# Your task
Give back all of the data, word for word.

::::::

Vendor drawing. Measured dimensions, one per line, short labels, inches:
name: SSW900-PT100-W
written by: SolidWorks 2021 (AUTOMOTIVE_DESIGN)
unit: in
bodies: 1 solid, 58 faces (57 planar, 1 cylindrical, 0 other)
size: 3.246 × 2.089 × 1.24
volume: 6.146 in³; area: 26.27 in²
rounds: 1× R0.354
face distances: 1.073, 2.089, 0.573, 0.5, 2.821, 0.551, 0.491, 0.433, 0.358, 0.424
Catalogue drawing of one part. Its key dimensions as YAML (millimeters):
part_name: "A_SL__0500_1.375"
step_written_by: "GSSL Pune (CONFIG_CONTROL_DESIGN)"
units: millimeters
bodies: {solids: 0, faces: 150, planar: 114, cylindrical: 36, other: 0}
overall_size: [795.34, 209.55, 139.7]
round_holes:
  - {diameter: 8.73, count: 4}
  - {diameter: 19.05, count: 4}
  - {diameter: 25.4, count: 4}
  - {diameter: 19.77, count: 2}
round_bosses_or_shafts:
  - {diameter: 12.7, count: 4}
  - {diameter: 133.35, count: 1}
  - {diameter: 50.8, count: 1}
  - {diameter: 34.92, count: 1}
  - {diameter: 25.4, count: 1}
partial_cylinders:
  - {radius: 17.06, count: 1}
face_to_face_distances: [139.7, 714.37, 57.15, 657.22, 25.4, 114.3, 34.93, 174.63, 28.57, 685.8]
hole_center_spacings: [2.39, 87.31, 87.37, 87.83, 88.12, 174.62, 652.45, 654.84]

::::::

# Response to this task
Vendor drawing. Measured dimensions, one per line, short labels, inches:
name: SSW900-PT100-W
written by: SolidWorks 2021 (AUTOMOTIVE_DESIGN)
unit: in
bodies: 1 solid, 58 faces (57 planar, 1 cylindrical, 0 other)
size: 3.246 × 2.089 × 1.24
volume: 6.146 in³; area: 26.27 in²
rounds: 1× R0.354
face distances: 1.073, 2.089, 0.573, 0.5, 2.821, 0.551, 0.491, 0.433, 0.358, 0.424
Catalogue drawing of one part. Its key dimensions as YAML (millimeters):
part_name: "A_SL__0500_1.375"
step_written_by: "GSSL Pune (CONFIG_CONTROL_DESIGN)"
units: millimeters
bodies: {solids: 0, faces: 150, planar: 114, cylindrical: 36, other: 0}
overall_size: [795.34, 209.55, 139.7]
round_holes:
  - {diameter: 8.73, count: 4}
  - {diameter: 19.05, count: 4}
  - {diameter: 25.4, count: 4}
  - {diameter: 19.77, count: 2}
round_bosses_or_shafts:
  - {diameter: 12.7, count: 4}
  - {diameter: 133.35, count: 1}
  - {diameter: 50.8, count: 1}
  - {diameter: 34.92, count: 1}
  - {diameter: 25.4, count: 1}
partial_cylinders:
  - {radius: 17.06, count: 1}
face_to_face_distances: [139.7, 714.37, 57.15, 657.22, 25.4, 114.3, 34.93, 174.63, 28.57, 685.8]
hole_center_spacings: [2.39, 87.31, 87.37, 87.83, 88.12, 174.62, 652.45, 654.84]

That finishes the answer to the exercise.